She ignored that and said, “A honeytrap also does not compute. Unless Harry Vance is not the same man you described.”

“Right. Harry was a pro.” He added, “Let’s hear what Mark Jenkins has to say.”

Taylor nodded.

Brodie watched out the window as the elevated train rumbled over the city. He looked north toward Alexanderplatz and the adjacent Berlin TV Tower, an imposing concrete shaft topped with a steel sphere and a broadcast antenna. It was built by the East Germans as a display of Communist power and ingenuity, and had since morphed from a symbol of Cold War division into an icon of a united Germany—just like the Brandenburg Gate and the remnants of the Wall, and probably a dozen other sights and symbols in this city of multiple personality disorders. The tower was still used for broadcasting, and Brodie recalled that it contained a rotating restaurant where you could enjoy some of the best views and worst food in all of Berlin. Beware of restaurants that rotate.

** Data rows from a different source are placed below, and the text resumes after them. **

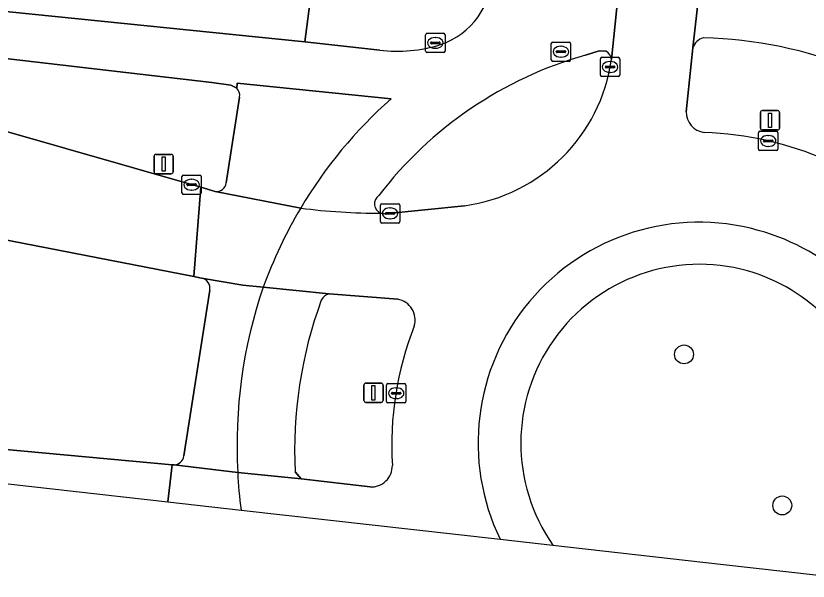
# Model space of a CAD drawing. Extents: x 162026 to 163502, y 387295 to 388169.
# Drawn here: x 162314.04 to 162355.04, y 387392.86 to 387422.13 of the extents above; entities that cross this region are included whole.
import ezdxf

# ---------------------------------------------------------------- set-up
doc = ezdxf.new("R2010")
doc.units = 0
for name, color, linetype in [('IMGEO_Berm_groen', 7, 'Continuous'), ('IMGEO_Boom', 7, 'Continuous'), ('IMGEO_Fietspad_gesloten', 7, 'Continuous'), ('IMGEO_Fietspad_open', 7, 'Continuous'), ('IMGEO_Kolk', 7, 'Continuous'), ('IMGEO_Lichtmast', 7, 'Continuous'), ('IMGEO_Rijbaan_lokaal_gesloten', 7, 'Continuous'), ('IMGEO_Rioolput', 7, 'Continuous'), ('IMGEO_Verkeerseiland_gesloten', 7, 'Continuous'), ('IMGEO_Verkeerseiland_groen', 7, 'Continuous'), ('IMGEO_Voetpad_open', 7, 'Continuous')]:
    doc.layers.add(name, color=color, linetype=linetype)

msp = doc.modelspace()

# ---------------------------------------------------------------- linework, layer by layer
at = {"layer": 'IMGEO_Berm_groen'}
msp.add_lwpolyline([(162260.667, 387431.287), (162260.33, 387428.284), (162295.656, 387424.353), (162313.692, 387422.346), (162329.001, 387420.783), (162329.354, 387423.577)], close=True, dxfattribs=at)
for points in [[(162325.165, 387418.548), (162324.185, 387418.687), (162295.396, 387422.021), (162295.212, 387420.616), (162295.377, 387420.586)], [(162303.192, 387419.095), (162313.176, 387416.238), (162323.614, 387413.252), (162324.357, 387413.033)], [(162325.472, 387418.387), (162325.165, 387418.548)], [(162324.929, 387413.483), (162325.619, 387417.925)], [(162341.834, 387394.725), (162350.509, 387393.747), (162355.575, 387393.176)]]:
    msp.add_lwpolyline(points, dxfattribs=at)
for centre, radius, start, end in [((162325.082, 387418.009), 0.543, 351.1462, 44.154), ((162324.419, 387413.543), 0.514, 263.1125, 353.2727), ((162349.426, 387400.013), 9.253, 74.4756, 214.8562), ((162349.359, 387400.031), 9.254, 312.2006, 74.0435)]:
    msp.add_arc(centre, radius, start, end, dxfattribs=at)
at = {"layer": 'IMGEO_Boom'}
for centre in [(162348.618, 387404.603), (162353.702, 387396.784)]:
    msp.add_circle(centre, 0.489, dxfattribs=at)
at = {"layer": 'IMGEO_Fietspad_gesloten'}
for points in [[(162332.873, 387420.356), (162329.001, 387420.783), (162313.692, 387422.346), (162295.656, 387424.353), (162295.396, 387422.021), (162324.185, 387418.687), (162325.165, 387418.548), (162325.472, 387418.387), (162325.496, 387418.644), (162333.458, 387417.837)], [(162344.862, 387419.87), (162345.245, 387423.574)], [(162343.512, 387420.097), (162344.231, 387420.314), (162344.58, 387420.298)], [(162330.247, 387407.739), (162326.839, 387408.088)], [(162325.523, 387398.494), (162328.798, 387398.152), (162328.492, 387398.521)]]:
    msp.add_lwpolyline(points, dxfattribs=at)
for centre, radius, start, end in [((162334.718, 387424.417), 3.995, 289.028, 359.364), ((162333.793, 387427.716), 7.418, 262.8765, 287.473), ((162344.316, 387419.817), 0.549, 5.5413, 61.2188), ((162349.15, 387400.309), 20.576, 105.9035, 142.5191), ((162349.227, 387400.05), 23.771, 131.5588, 149.3276), ((162333.125, 387412.402), 0.524, 125.3908, 247.9779), ((162332.751, 387442.287), 30.371, 262.49, 270.3349), ((162350.964, 387399.892), 25.479, 161.2348, 183.1443), ((162351.074, 387399.623), 22.609, 159.8495, 182.7928), ((162330.428, 387407.114), 0.651, 106.1519, 152.8334)]:
    msp.add_arc(centre, radius, start, end, dxfattribs=at)
at = {"layer": 'IMGEO_Fietspad_open'}
msp.add_lwpolyline([(162349.464, 387424), (162349.074, 387420.475)], dxfattribs=at)
for centre, radius, start, end in [((162349.849, 387420.204), 0.821, 106.4407, 160.7492), ((162349.094, 387398.822), 22.176, 67.942, 88.6487)]:
    msp.add_arc(centre, radius, start, end, dxfattribs=at)
at = {"layer": 'IMGEO_Kolk'}
for p, q in [((162335.248, 387420.303), (162335.248, 387421.155)), ((162335.323, 387421.229), (162336.175, 387421.229)), ((162335.736, 387421.009), (162335.761, 387421.009)), ((162336.249, 387421.155), (162336.249, 387420.303)), ((162335.507, 387420.723), (162335.507, 387420.735)), ((162335.945, 387420.686), (162335.547, 387420.686)), ((162335.55, 387420.772), (162335.948, 387420.772)), ((162335.991, 387420.735), (162335.991, 387420.723)), ((162336.175, 387420.229), (162335.323, 387420.229)), ((162335.759, 387420.449), (162335.734, 387420.449)), ((162344.289, 387419.057), (162344.289, 387419.909)), ((162344.364, 387419.983), (162345.216, 387419.983)), ((162344.777, 387419.763), (162344.802, 387419.763)), ((162345.29, 387419.909), (162345.29, 387419.057)), ((162344.548, 387419.477), (162344.548, 387419.489)), ((162344.986, 387419.44), (162344.588, 387419.44)), ((162344.591, 387419.526), (162344.989, 387419.526)), ((162345.032, 387419.489), (162345.032, 387419.477)), ((162345.216, 387418.983), (162344.364, 387418.983)), ((162344.8, 387419.203), (162344.775, 387419.203)), ((162352.471, 387415.226), (162352.471, 387416.078)), ((162352.546, 387416.152), (162353.398, 387416.152)), ((162353.472, 387416.078), (162353.472, 387415.226)), ((162352.73, 387415.646), (162352.73, 387415.658)), ((162353.168, 387415.609), (162352.77, 387415.609)), ((162352.773, 387415.695), (162353.171, 387415.695)), ((162352.959, 387415.932), (162352.984, 387415.932)), ((162353.214, 387415.658), (162353.214, 387415.646)), ((162352.982, 387415.372), (162352.957, 387415.372)), ((162353.398, 387415.152), (162352.546, 387415.152)), ((162322.637, 387412.962), (162322.637, 387413.814)), ((162322.712, 387413.888), (162323.564, 387413.888)), ((162323.125, 387413.668), (162323.15, 387413.668)), ((162323.638, 387413.814), (162323.638, 387412.962)), ((162322.896, 387413.382), (162322.896, 387413.394)), ((162323.334, 387413.345), (162322.936, 387413.345)), ((162322.939, 387413.431), (162323.337, 387413.431)), ((162323.38, 387413.394), (162323.38, 387413.382)), ((162323.564, 387412.888), (162322.712, 387412.888)), ((162323.148, 387413.108), (162323.123, 387413.108)), ((162332.908, 387411.479), (162332.908, 387412.331)), ((162332.983, 387412.405), (162333.835, 387412.405)), ((162333.909, 387412.331), (162333.909, 387411.479)), ((162333.167, 387411.899), (162333.167, 387411.911)), ((162333.21, 387411.948), (162333.608, 387411.948)), ((162333.396, 387412.185), (162333.421, 387412.185)), ((162333.651, 387411.911), (162333.651, 387411.899)), ((162333.605, 387411.862), (162333.207, 387411.862)), ((162333.419, 387411.625), (162333.394, 387411.625)), ((162333.835, 387411.405), (162332.983, 387411.405)), ((162333.222, 387402.165), (162333.222, 387403.017)), ((162333.297, 387403.091), (162334.149, 387403.091)), ((162334.223, 387403.017), (162334.223, 387402.165)), ((162333.481, 387402.585), (162333.481, 387402.597)), ((162333.919, 387402.548), (162333.521, 387402.548)), ((162333.524, 387402.634), (162333.922, 387402.634)), ((162333.71, 387402.871), (162333.735, 387402.871)), ((162333.965, 387402.597), (162333.965, 387402.585)), ((162334.149, 387402.091), (162333.297, 387402.091)), ((162333.733, 387402.311), (162333.708, 387402.311))]:
    msp.add_line(p, q, dxfattribs=at)
for points in [[(162335.248, 387420.303), (162335.248, 387421.155)], [(162335.323, 387421.229), (162336.175, 387421.229)], [(162336.249, 387421.155), (162336.249, 387420.303)], [(162336.175, 387420.229), (162335.323, 387420.229)], [(162344.289, 387419.057), (162344.289, 387419.909)], [(162344.364, 387419.983), (162345.216, 387419.983)], [(162345.29, 387419.909), (162345.29, 387419.057)], [(162345.216, 387418.983), (162344.364, 387418.983)], [(162352.471, 387415.226), (162352.471, 387416.078)], [(162352.546, 387416.152), (162353.398, 387416.152)], [(162353.472, 387416.078), (162353.472, 387415.226)], [(162353.398, 387415.152), (162352.546, 387415.152)], [(162322.637, 387412.962), (162322.637, 387413.814)], [(162322.712, 387413.888), (162323.564, 387413.888)], [(162323.638, 387413.814), (162323.638, 387412.962)], [(162323.564, 387412.888), (162322.712, 387412.888)], [(162332.908, 387411.479), (162332.908, 387412.331)], [(162332.983, 387412.405), (162333.835, 387412.405)], [(162333.909, 387412.331), (162333.909, 387411.479)], [(162333.835, 387411.405), (162332.983, 387411.405)], [(162333.222, 387402.165), (162333.222, 387403.017)], [(162333.297, 387403.091), (162334.149, 387403.091)], [(162334.223, 387403.017), (162334.223, 387402.165)], [(162334.149, 387402.091), (162333.297, 387402.091)]]:
    msp.add_lwpolyline(points, dxfattribs=at)
for centre, radius, start, end in [((162335.325, 387421.153), 0.0765, 91.552, 178.448), ((162335.325, 387421.153), 0.0765, 91.552, 178.448), ((162336.173, 387421.153), 0.0765, 1.552, 88.448), ((162336.173, 387421.153), 0.0765, 1.552, 88.448), ((162335.547, 387420.732), 0.0403, 85.8775, 175.7526), ((162335.544, 387420.722), 0.0366, 178.938, 274.7102), ((162335.948, 387420.729), 0.043, 264.8664, 352.4533), ((162335.952, 387420.734), 0.0386, 1.7309, 96.639), ((162335.325, 387420.305), 0.0765, 181.552, 268.448), ((162335.325, 387420.305), 0.0765, 181.552, 268.448), ((162336.173, 387420.305), 0.0765, 271.552, 358.448), ((162336.173, 387420.305), 0.0765, 271.552, 358.448), ((162344.366, 387419.907), 0.0765, 91.552, 178.448), ((162344.366, 387419.907), 0.0765, 91.552, 178.448), ((162345.214, 387419.907), 0.0765, 1.552, 88.448), ((162345.214, 387419.907), 0.0765, 1.552, 88.448), ((162344.588, 387419.486), 0.0403, 85.8775, 175.7526), ((162344.585, 387419.476), 0.0366, 178.938, 274.7102), ((162344.989, 387419.483), 0.043, 264.8664, 352.4533), ((162344.993, 387419.488), 0.0386, 1.7309, 96.639), ((162344.366, 387419.059), 0.0765, 181.552, 268.448), ((162344.366, 387419.059), 0.0765, 181.552, 268.448), ((162345.214, 387419.059), 0.0765, 271.552, 358.448), ((162345.214, 387419.059), 0.0765, 271.552, 358.448), ((162352.548, 387416.076), 0.0765, 91.552, 178.448), ((162352.548, 387416.076), 0.0765, 91.552, 178.448), ((162353.396, 387416.076), 0.0765, 1.552, 88.448), ((162353.396, 387416.076), 0.0765, 1.552, 88.448), ((162352.77, 387415.655), 0.0403, 85.8775, 175.7526), ((162352.767, 387415.645), 0.0366, 178.938, 274.7102), ((162353.171, 387415.652), 0.043, 264.8664, 352.4533), ((162353.175, 387415.657), 0.0386, 1.7309, 96.639), ((162352.548, 387415.228), 0.0765, 181.552, 268.448), ((162352.548, 387415.228), 0.0765, 181.552, 268.448), ((162353.396, 387415.228), 0.0765, 271.552, 358.448), ((162353.396, 387415.228), 0.0765, 271.552, 358.448), ((162322.714, 387413.812), 0.0765, 91.552, 178.448), ((162322.714, 387413.812), 0.0765, 91.552, 178.448), ((162323.562, 387413.812), 0.0765, 1.552, 88.448), ((162323.562, 387413.812), 0.0765, 1.552, 88.448), ((162322.936, 387413.391), 0.0403, 85.8775, 175.7526), ((162322.933, 387413.381), 0.0366, 178.938, 274.7102), ((162323.337, 387413.388), 0.043, 264.8664, 352.4533), ((162323.341, 387413.393), 0.0386, 1.7309, 96.639), ((162322.714, 387412.964), 0.0765, 181.552, 268.448), ((162322.714, 387412.964), 0.0765, 181.552, 268.448), ((162323.562, 387412.964), 0.0765, 271.552, 358.448), ((162323.562, 387412.964), 0.0765, 271.552, 358.448), ((162332.985, 387412.329), 0.0765, 91.552, 178.448), ((162332.985, 387412.329), 0.0765, 91.552, 178.448), ((162333.833, 387412.329), 0.0765, 1.552, 88.448), ((162333.833, 387412.329), 0.0765, 1.552, 88.448), ((162333.207, 387411.908), 0.0403, 85.8775, 175.7526), ((162333.612, 387411.91), 0.0386, 1.7309, 96.639), ((162333.204, 387411.898), 0.0366, 178.938, 274.7102), ((162333.608, 387411.905), 0.043, 264.8664, 352.4533), ((162332.985, 387411.481), 0.0765, 181.552, 268.448), ((162332.985, 387411.481), 0.0765, 181.552, 268.448), ((162333.833, 387411.481), 0.0765, 271.552, 358.448), ((162333.833, 387411.481), 0.0765, 271.552, 358.448), ((162333.299, 387403.015), 0.0765, 91.552, 178.448), ((162333.299, 387403.015), 0.0765, 91.552, 178.448), ((162334.147, 387403.015), 0.0765, 1.552, 88.448), ((162334.147, 387403.015), 0.0765, 1.552, 88.448), ((162333.521, 387402.594), 0.0403, 85.8775, 175.7526), ((162333.518, 387402.584), 0.0366, 178.938, 274.7102), ((162333.922, 387402.591), 0.043, 264.8664, 352.4533), ((162333.926, 387402.596), 0.0386, 1.7309, 96.639), ((162333.299, 387402.167), 0.0765, 181.552, 268.448), ((162333.299, 387402.167), 0.0765, 181.552, 268.448), ((162334.147, 387402.167), 0.0765, 271.552, 358.448), ((162334.147, 387402.167), 0.0765, 271.552, 358.448)]:
    msp.add_arc(centre, radius, start, end, dxfattribs=at)
for centre, major_axis, ratio, start_param, end_param in [((162335.735, 387420.729), (-0.387, 0.002), 0.722429, 4.712389, 7.853982), ((162335.76, 387420.729), (-0.39, 0.002), 0.717154, 1.570796, 4.712389), ((162344.776, 387419.483), (-0.387, 0.002), 0.722429, 4.712389, 7.853982), ((162344.801, 387419.483), (-0.39, 0.002), 0.717154, 1.570796, 4.712389), ((162352.958, 387415.652), (-0.387, 0.002), 0.722429, 4.712389, 7.853982), ((162352.983, 387415.652), (-0.39, 0.002), 0.717154, 1.570796, 4.712389), ((162323.124, 387413.388), (-0.387, 0.002), 0.722429, 4.712389, 7.853982), ((162323.149, 387413.388), (-0.39, 0.002), 0.717154, 1.570796, 4.712389), ((162333.395, 387411.905), (-0.387, 0.002), 0.722429, 4.712389, 7.853982), ((162333.42, 387411.905), (-0.39, 0.002), 0.717154, 1.570796, 4.712389), ((162333.709, 387402.591), (-0.387, 0.002), 0.722429, 4.712389, 7.853982), ((162333.734, 387402.591), (-0.39, 0.002), 0.717154, 1.570796, 4.712389)]:
    msp.add_ellipse(centre, major_axis=major_axis, ratio=ratio, start_param=start_param, end_param=end_param, dxfattribs=at)
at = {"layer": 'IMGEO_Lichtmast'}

“The Pope’s revenge,” said Taylor.

“What?”

She pointed out the window toward the tower. “The sunlight makes a cross on the sphere. I read that during the Cold War it was called the Pope’s revenge.”

Brodie looked at the cross of sunlight on the paneled sphere. He didn’t put a whole lot of stock in spiritual symbolism, and he’d never seen the Virgin Mary in his morning pancakes. But he hoped this accidental refraction of sunlight had brought a little solace—or at least bitter amusement—to the Christians forced by circumstance to live on the wrong side of the Wall, where the state religion was no religion.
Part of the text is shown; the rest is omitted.